I think a lot of the "bad stuff" can be seen as an advantage. Like for
example:

\- Lack of strong typing \- User don't have to bother with the data type at
first, they go directly into the logic

\- Typecasting when comparing \- faster for quick comparison. E.g. if a user
wants to check if the input of the user is equal to a certain number, he
doesn't have to cast it as an int/float/whatever before, he just does "10" ==
10 and it just works.

And also, its greatest strength I think is the fact that it's the language of
the web, and web development has the lowest "barrier to entry", because all
you need is a notepad and a browser and you can easily develop and test.

Anyway, as many people have pointed out, I don't think it matters that much
what language you start with, because it makes you learn the logic of
programming, which is then transferable to all other languages anyway.

------
z3t4
What is the business model ? Or is it a PR app ? How do you get a job like
this, where you can do public good and not have to worry about founding !?

------
linuxftw
No one is going to learn to be an effective programmer using a smartphone.

I do expect a lot of people to install it, use it for 5 minutes, and never
bother with it again.
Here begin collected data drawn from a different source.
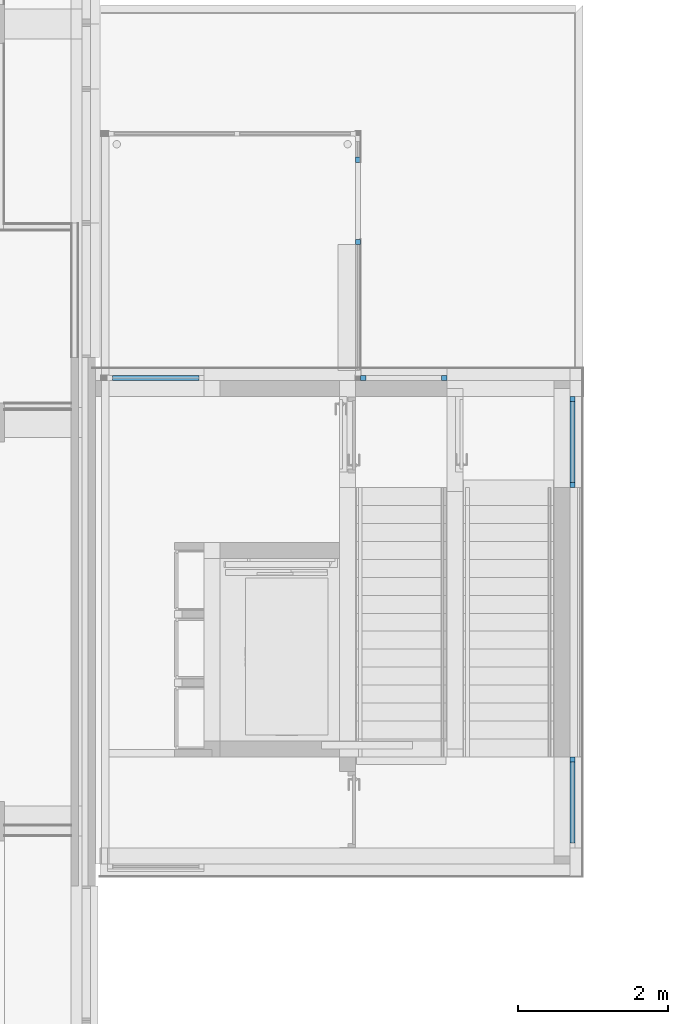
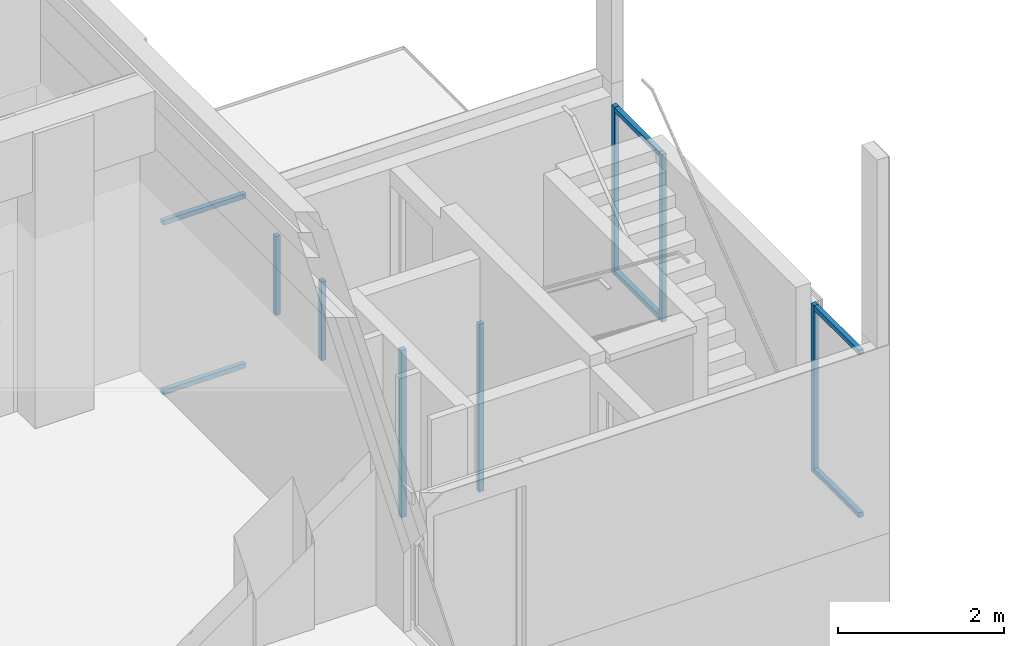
# One storey, part 3 of 117: 13 members, 5 elements without a shape of their own.
"""IFC2X3 building model written with IfcOpenShell, lengths in millimetres."""

from ifc_helpers import new_model, entity, si_unit, converted_unit, derived_unit, money_unit, direction, frame, origin_with_axes, place, context, subcontext, project, spatial, faceted_brep, source, transform, mapped, material, type_object, type_shapes, element, aggregate, save


model = new_model("IFC2X3")

# Units and contexts
model_context = context("Model", 3, precision=0.01, world=origin_with_axes(), true_north=direction((0.0, 1.0)))
body_context = subcontext(model_context, "Body", "Model", "MODEL_VIEW")
ifc_project = project(units=[si_unit("LENGTHUNIT", "METRE", prefix="MILLI"), si_unit("AREAUNIT", "SQUARE_METRE"), si_unit("VOLUMEUNIT", "CUBIC_METRE"), converted_unit("PLANEANGLEUNIT", "DEGREE", entity("IfcPlaneAngleMeasure", 0.0174532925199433), si_unit("PLANEANGLEUNIT", "RADIAN"), dimensions=[0, 0, 0, 0, 0, 0, 0]), money_unit("EUR"), converted_unit("TIMEUNIT", "Year", entity("IfcTimeMeasure", 31557600.0), si_unit("TIMEUNIT", "SECOND"), dimensions=[0, 0, 1, 0, 0, 0, 0]), si_unit("MASSUNIT", "GRAM", prefix="KILO"), si_unit("THERMODYNAMICTEMPERATUREUNIT", "DEGREE_CELSIUS"), si_unit("LUMINOUSINTENSITYUNIT", "LUMEN"), si_unit("ENERGYUNIT", "JOULE", prefix="MEGA"), derived_unit("THERMALCONDUCTANCEUNIT", [(si_unit("POWERUNIT", "WATT"), 1), (si_unit("LENGTHUNIT", "METRE"), -1), (si_unit("THERMODYNAMICTEMPERATUREUNIT", "KELVIN"), -1)]), derived_unit("SPECIFICHEATCAPACITYUNIT", [(si_unit("ENERGYUNIT", "JOULE"), 1), (si_unit("MASSUNIT", "GRAM", prefix="KILO"), -1), (si_unit("THERMODYNAMICTEMPERATUREUNIT", "KELVIN"), -1)]), derived_unit("MASSDENSITYUNIT", [(si_unit("MASSUNIT", "GRAM", prefix="KILO"), 1), (si_unit("VOLUMEUNIT", "CUBIC_METRE"), -1)])], contexts=[model_context])

# Site, building, storey
site_placement = place(None, origin_with_axes())
site = spatial("IfcSite", under=ifc_project, at=site_placement, Name="Site", CompositionType="ELEMENT")
building_placement = place(site_placement, origin_with_axes())
building = spatial("IfcBuilding", under=site, at=building_placement, Name="Naam gebouw", CompositionType="ELEMENT")
storey_placement = place(building_placement, frame((0.0, 0.0, 4150.0), z_axis=(0.0, 0.0, 1.0), x_axis=(1.0, 0.0, 0.0)))
storey = spatial("IfcBuildingStorey", under=building, at=storey_placement, Name="1e verdieping N", CompositionType="ELEMENT", Elevation=4150.0)

# Curtain wall, member
curtain_wall_type = type_object("IfcCurtainWallType", Name="Curtain Wall:21_CW_alu kozijn 070x065", PredefinedType="NOTDEFINED")
curtain_wall_1_placement = place(storey_placement, frame((0.0, 0.0, -4150.0), z_axis=(0.0, 0.0, 1.0), x_axis=(1.0, 0.0, 0.0)))
curtain_wall_1 = element("IfcCurtainWall", 1, at=curtain_wall_1_placement, inside=storey, type_object=curtain_wall_type, Name="Curtain Wall:21_CW_alu kozijn 070x065", ObjectType="Curtain Wall:21_CW_alu kozijn 070x065")
ifc_material = material(Name="RAL 7024 - Grafietgrijs")
member_type_1 = type_object("IfcMemberType", Name="Rectangular Mullion:31_alu_070x065 RAL 7024", PredefinedType="MULLION")
shared_shape_1 = source(origin_with_axes(), body_context, "Body", "Brep", [
    faceted_brep([(32.49999999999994, 1080.0, 0.0), (32.49999999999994, 1080.0, 70.0), (32.50000000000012, 0.0, 70.0), (32.50000000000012, 0.0, 0.0), (-32.50000000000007, 1080.0, 0.0), (-32.50000000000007, 1080.0, 70.0), (-32.4999999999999, 0.0, 70.0), (-32.4999999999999, 0.0, 0.0)], [[[0, 1, 2, 3]], [[0, 4, 5, 1]], [[1, 5, 6, 2]], [[3, 2, 6, 7]], [[4, 0, 3, 7]], [[5, 4, 7, 6]]]),
])
type_shapes(member_type_1, [shared_shape_1])
member_1_placement = place(curtain_wall_1_placement, frame((36613.5000000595, 34075.91242622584, 3150.0), z_axis=(0.0, 0.0, 1.0), x_axis=(-1.0, 0.0, 0.0)))
member_1 = element("IfcMember", 2, at=member_1_placement, type_object=member_type_1, material=ifc_material, Name="Rectangular Mullion:31_alu_070x065 RAL 7024", ObjectType="MULLION", context=body_context, shape_type="MappedRepresentation", body=[
    mapped(shared_shape_1, transform((0.0, 0.0, 0.0))),
])

# Curtain wall, members
curtain_wall_2_placement = place(storey_placement, frame((0.0, 0.0, -4150.0), z_axis=(0.0, 0.0, 1.0), x_axis=(1.0, 0.0, 0.0)))
curtain_wall_2 = element("IfcCurtainWall", 3, at=curtain_wall_2_placement, inside=storey, type_object=curtain_wall_type, Name="Curtain Wall:21_CW_alu kozijn 070x065", ObjectType="Curtain Wall:21_CW_alu kozijn 070x065")
member_2_placement = place(curtain_wall_2_placement, frame((36613.5000000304, 38895.91242634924, 3150.0), z_axis=(0.0, 0.0, 1.0), x_axis=(-1.0, 0.0, 0.0)))
member_2 = element("IfcMember", 4, at=member_2_placement, type_object=member_type_1, material=ifc_material, Name="Rectangular Mullion:31_alu_070x065 RAL 7024", ObjectType="MULLION", context=body_context, shape_type="MappedRepresentation", body=[
    mapped(shared_shape_1, transform((0.0, 0.0, 0.0))),
])
member_type_2 = type_object("IfcMemberType", Name="Rectangular Mullion:31_alu_070x065 RAL 7024", PredefinedType="MULLION")
shared_shape_2 = source(origin_with_axes(), body_context, "Body", "Brep", [
    faceted_brep([(0.0, -32.5, 2470.0), (-70.0, -32.50000000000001, 2470.0), (-70.0, -32.50000000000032, 0.0), (0.0, -32.50000000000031, 0.0), (0.0, 32.50000000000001, 2470.0), (-70.0, 32.5, 2470.0), (-70.0, 32.49999999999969, 0.0), (0.0, 32.49999999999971, 0.0)], [[[0, 1, 2, 3]], [[0, 4, 5, 1]], [[1, 5, 6, 2]], [[3, 2, 6, 7]], [[4, 0, 3, 7]], [[5, 4, 7, 6]]]),
])
type_shapes(member_type_2, [shared_shape_2])
member_3_placement = place(curtain_wall_2_placement, frame((36613.5000000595, 37745.91242626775, 3150.0), z_axis=(0.0, 0.0, 1.0), x_axis=(0.0, -1.0, 0.0)))
member_3 = element("IfcMember", 5, at=member_3_placement, type_object=member_type_2, material=ifc_material, Name="Rectangular Mullion:31_alu_070x065 RAL 7024", ObjectType="MULLION", context=body_context, shape_type="MappedRepresentation", body=[
    mapped(shared_shape_2, transform((0.0, 0.0, 0.0))),
])

# Curtain wall, member
curtain_wall_3_placement = place(storey_placement, frame((0.0, 0.0, -4150.0), z_axis=(0.0, 0.0, 1.0), x_axis=(1.0, 0.0, 0.0)))
curtain_wall_3 = element("IfcCurtainWall", 6, at=curtain_wall_3_placement, inside=storey, type_object=curtain_wall_type, Name="Curtain Wall:21_CW_alu kozijn 070x065", ObjectType="Curtain Wall:21_CW_alu kozijn 070x065")
member_4_placement = place(curtain_wall_3_placement, frame((34933.00000004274, 39212.4124263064, 379.9999999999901), z_axis=(0.0, 0.0, 1.0), x_axis=(1.0, 0.0, 0.0)))
member_4 = element("IfcMember", 7, at=member_4_placement, type_object=member_type_2, material=ifc_material, Name="Rectangular Mullion:31_alu_070x065 RAL 7024", ObjectType="MULLION", context=body_context, shape_type="MappedRepresentation", body=[
    mapped(shared_shape_2, transform((0.0, 0.0, 0.0))),
])

# Member
member_type_3 = type_object("IfcMemberType", Name="Rectangular Mullion:31_alu_070x065 RAL 7024", PredefinedType="MULLION")
shared_shape_3 = source(origin_with_axes(), body_context, "Body", "Brep", [
    faceted_brep([(0.0, 32.5, -2470.0), (-70.0, 32.50000000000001, -2470.0), (-70.0, 32.50000000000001, 0.0), (0.0, 32.5, 0.0), (0.0, -32.50000000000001, -2470.0), (-70.0, -32.5, -2470.0), (-70.0, -32.5, 0.0), (0.0, -32.50000000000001, 0.0)], [[[0, 1, 2, 3]], [[0, 4, 5, 1]], [[1, 5, 6, 2]], [[3, 2, 6, 7]], [[4, 0, 3, 7]], [[5, 4, 7, 6]]]),
])
type_shapes(member_type_3, [shared_shape_3])
member_5_placement = place(curtain_wall_1_placement, frame((36613.5000000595, 34145.91242629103, 5619.999999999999), z_axis=(0.0, 0.0, 1.0), x_axis=(0.0, 1.0, 0.0)))
member_5 = element("IfcMember", 8, at=member_5_placement, type_object=member_type_3, material=ifc_material, Name="Rectangular Mullion:31_alu_070x065 RAL 7024", ObjectType="MULLION", context=body_context, shape_type="MappedRepresentation", body=[
    mapped(shared_shape_3, transform((0.0, 0.0, 0.0))),
])

member_6_placement = place(curtain_wall_2_placement, frame((36613.5000000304, 38965.91242629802, 5619.999999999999), z_axis=(0.0, 0.0, 1.0), x_axis=(0.0, 1.0, 0.0)))
member_6 = element("IfcMember", 9, at=member_6_placement, type_object=member_type_3, material=ifc_material, Name="Rectangular Mullion:31_alu_070x065 RAL 7024", ObjectType="MULLION", context=body_context, shape_type="MappedRepresentation", body=[
    mapped(shared_shape_3, transform((0.0, 0.0, 0.0))),
])

member_7_placement = place(curtain_wall_3_placement, frame((33778.0000000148, 39212.4124263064, 2849.999999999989), z_axis=(0.0, 0.0, 1.0), x_axis=(-1.0, 0.0, 0.0)))
member_7 = element("IfcMember", 10, at=member_7_placement, type_object=member_type_3, material=ifc_material, Name="Rectangular Mullion:31_alu_070x065 RAL 7024", ObjectType="MULLION", context=body_context, shape_type="MappedRepresentation", body=[
    mapped(shared_shape_3, transform((0.0, 0.0, 0.0))),
])

aggregate(curtain_wall_3, [member_7, member_4])

member_type_4 = type_object("IfcMemberType", Name="Rectangular Mullion:31_alu_070x065 RAL 7024", PredefinedType="MULLION")
shared_shape_4 = source(origin_with_axes(), body_context, "Body", "Brep", [
    faceted_brep([(32.50000000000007, -1080.0, 0.0), (32.50000000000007, -1080.0, -70.0), (32.4999999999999, 0.0, -70.0), (32.4999999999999, 0.0, 0.0), (-32.49999999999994, -1080.0, 0.0), (-32.49999999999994, -1080.0, -70.0), (-32.50000000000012, 0.0, -70.0), (-32.50000000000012, 0.0, 0.0)], [[[0, 1, 2, 3]], [[0, 4, 5, 1]], [[1, 5, 6, 2]], [[3, 2, 6, 7]], [[4, 0, 3, 7]], [[5, 4, 7, 6]]]),
])
type_shapes(member_type_4, [shared_shape_4])
member_8_placement = place(curtain_wall_1_placement, frame((36613.5000000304, 32995.91242626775, 5619.999999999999), z_axis=(0.0, 0.0, 1.0), x_axis=(-1.0, 0.0, 0.0)))
member_8 = element("IfcMember", 11, at=member_8_placement, type_object=member_type_4, material=ifc_material, Name="Rectangular Mullion:31_alu_070x065 RAL 7024", ObjectType="MULLION", context=body_context, shape_type="MappedRepresentation", body=[
    mapped(shared_shape_4, transform((0.0, 0.0, 0.0))),
])

aggregate(curtain_wall_1, [member_1, member_5, member_8])

member_9_placement = place(curtain_wall_2_placement, frame((36613.5000000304, 37815.91242633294, 5619.999999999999), z_axis=(0.0, 0.0, 1.0), x_axis=(-1.0, 0.0, 0.0)))
member_9 = element("IfcMember", 12, at=member_9_placement, type_object=member_type_4, material=ifc_material, Name="Rectangular Mullion:31_alu_070x065 RAL 7024", ObjectType="MULLION", context=body_context, shape_type="MappedRepresentation", body=[
    mapped(shared_shape_4, transform((0.0, 0.0, 0.0))),
])

aggregate(curtain_wall_2, [member_3, member_2, member_9, member_6])

# Curtain wall, members
curtain_wall_4_placement = place(storey_placement, frame((0.0, 0.0, -4150.0), z_axis=(0.0, 0.0, 1.0), x_axis=(1.0, 0.0, 0.0)))
curtain_wall_4 = element("IfcCurtainWall", 13, at=curtain_wall_4_placement, inside=storey, type_object=curtain_wall_type, Name="Curtain Wall:21_CW_alu kozijn 070x065", ObjectType="Curtain Wall:21_CW_alu kozijn 070x065")
member_type_5 = type_object("IfcMemberType", Name="Rectangular Mullion:31_alu_070x065 RAL 7024", PredefinedType="MULLION")
shared_shape_5 = source(origin_with_axes(), body_context, "Body", "Brep", [
    faceted_brep([(32.49999999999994, 1154.0, 0.0), (32.49999999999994, 1154.0, 70.0), (32.50000000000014, -2.993161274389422e-10, 70.0), (32.50000000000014, -2.993161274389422e-10, 0.0), (-32.50000000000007, 1154.0, 0.0), (-32.50000000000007, 1154.0, 70.0), (-32.49999999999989, -2.993161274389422e-10, 70.0), (-32.49999999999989, -2.993161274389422e-10, 0.0)], [[[0, 1, 2, 3]], [[0, 4, 5, 1]], [[1, 5, 6, 2]], [[3, 2, 6, 7]], [[4, 0, 3, 7]], [[5, 4, 7, 6]]]),
])
type_shapes(member_type_5, [shared_shape_5])
member_10_placement = place(curtain_wall_4_placement, frame((31615.00000004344, 39212.4124263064, 3349.999999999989), z_axis=(0.0, 0.0, 1.0), x_axis=(0.0, 1.0, 0.0)))
member_10 = element("IfcMember", 14, at=member_10_placement, type_object=member_type_5, material=ifc_material, Name="Rectangular Mullion:31_alu_070x065 RAL 7024", ObjectType="MULLION", context=body_context, shape_type="MappedRepresentation", body=[
    mapped(shared_shape_5, transform((0.0, 0.0, 0.0))),
])
member_type_6 = type_object("IfcMemberType", Name="Rectangular Mullion:31_alu_070x065 RAL 7024", PredefinedType="MULLION")
shared_shape_6 = source(origin_with_axes(), body_context, "Body", "Brep", [
    faceted_brep([(32.50000000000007, -1154.0, 0.0), (32.50000000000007, -1154.0, -70.0), (32.49999999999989, 2.993161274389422e-10, -70.0), (32.49999999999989, 2.993161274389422e-10, 0.0), (-32.49999999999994, -1154.0, 0.0), (-32.49999999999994, -1154.0, -70.0), (-32.50000000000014, 2.993161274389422e-10, -70.0), (-32.50000000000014, 2.993161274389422e-10, 0.0)], [[[0, 1, 2, 3]], [[0, 4, 5, 1]], [[1, 5, 6, 2]], [[3, 2, 6, 7]], [[4, 0, 3, 7]], [[5, 4, 7, 6]]]),
])
type_shapes(member_type_6, [shared_shape_6])
member_11_placement = place(curtain_wall_4_placement, frame((30461.00000003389, 39212.41242624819, 5920.000000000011), z_axis=(0.0, 0.0, 1.0), x_axis=(0.0, 1.0, 0.0)))
member_11 = element("IfcMember", 15, at=member_11_placement, type_object=member_type_6, material=ifc_material, Name="Rectangular Mullion:31_alu_070x065 RAL 7024", ObjectType="MULLION", context=body_context, shape_type="MappedRepresentation", body=[
    mapped(shared_shape_6, transform((0.0, 0.0, 0.0))),
])
aggregate(curtain_wall_4, [member_11, member_10])

curtain_wall_5_placement = place(storey_placement, frame((0.0, 0.0, -4150.0), z_axis=(0.0, 0.0, 1.0), x_axis=(1.0, 0.0, 0.0)))
curtain_wall_5 = element("IfcCurtainWall", 16, at=curtain_wall_5_placement, inside=storey, type_object=curtain_wall_type, Name="Curtain Wall:21_CW_alu kozijn 070x065", ObjectType="Curtain Wall:21_CW_alu kozijn 070x065")
member_type_7 = type_object("IfcMemberType", Name="Rectangular Mullion:31_alu_070x065 RAL 7024", PredefinedType="MULLION")
shared_shape_7 = source(origin_with_axes(), body_context, "Body", "Brep", [
    faceted_brep([(35.00000000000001, -32.5, 1167.2), (-34.99999999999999, -32.50000000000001, 1167.2), (-34.99999999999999, -32.50000000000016, 0.0), (35.00000000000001, -32.50000000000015, 0.0), (34.99999999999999, 32.5, 1167.2), (-35.00000000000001, 32.49999999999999, 1167.2), (-35.00000000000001, 32.49999999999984, 0.0), (34.99999999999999, 32.49999999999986, 0.0)], [[[0, 1, 2, 3]], [[0, 4, 5, 1]], [[1, 5, 6, 2]], [[3, 2, 6, 7]], [[4, 0, 3, 7]], [[5, 4, 7, 6]]]),
])
type_shapes(member_type_7, [shared_shape_7])
member_12_placement = place(curtain_wall_5_placement, frame((33745.50000004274, 42129.61242627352, 1612.799999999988), z_axis=(0.0, 0.0, 1.0), x_axis=(0.0, 1.0, 0.0)))
member_12 = element("IfcMember", 17, at=member_12_placement, type_object=member_type_7, material=ifc_material, Name="Rectangular Mullion:31_alu_070x065 RAL 7024", ObjectType="MULLION", context=body_context, shape_type="MappedRepresentation", body=[
    mapped(shared_shape_7, transform((0.0, 0.0, 0.0))),
])
member_type_8 = type_object("IfcMemberType", Name="Rectangular Mullion:31_alu_070x065 RAL 7024", PredefinedType="MULLION")
type_shapes(member_type_8, [shared_shape_7])
member_13_placement = place(curtain_wall_5_placement, frame((33745.50000004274, 41029.61242629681, 1612.799999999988), z_axis=(0.0, 0.0, 1.0), x_axis=(0.0, 1.0, 0.0)))
member_13 = element("IfcMember", 18, at=member_13_placement, type_object=member_type_8, material=ifc_material, Name="Rectangular Mullion:31_alu_070x065 RAL 7024", ObjectType="MULLION", context=body_context, shape_type="MappedRepresentation", body=[
    mapped(shared_shape_7, transform((0.0, 0.0, 0.0))),
])
aggregate(curtain_wall_5, [member_12, member_13])

save(model, "model.ifc")

It's a perfectly suitable way to push people out of
programming because there's no way you can get a real feel for it with a
smartphone. All of the 'learn to "code"' applications that don't involve
writing actual software seem like a giant waste of time and effort to me.

------
xopher
I installed it last week. I was torn whether the constant reminders to do it
was helpful or annoying.

------
tomc1985
Why so cute? :(

------
originalsimba
"The road to hell is paved with good intentions"

Can they please just stop putting their fingers in every pie? I WANT Free
coding lesson websites, but not from google thanks. They should stick to
github with their contributions.

It's difficult to enjoy our lives, with these corporations strolling in like
"IS THAT FUN WE SEE?!?!" (because they're giants)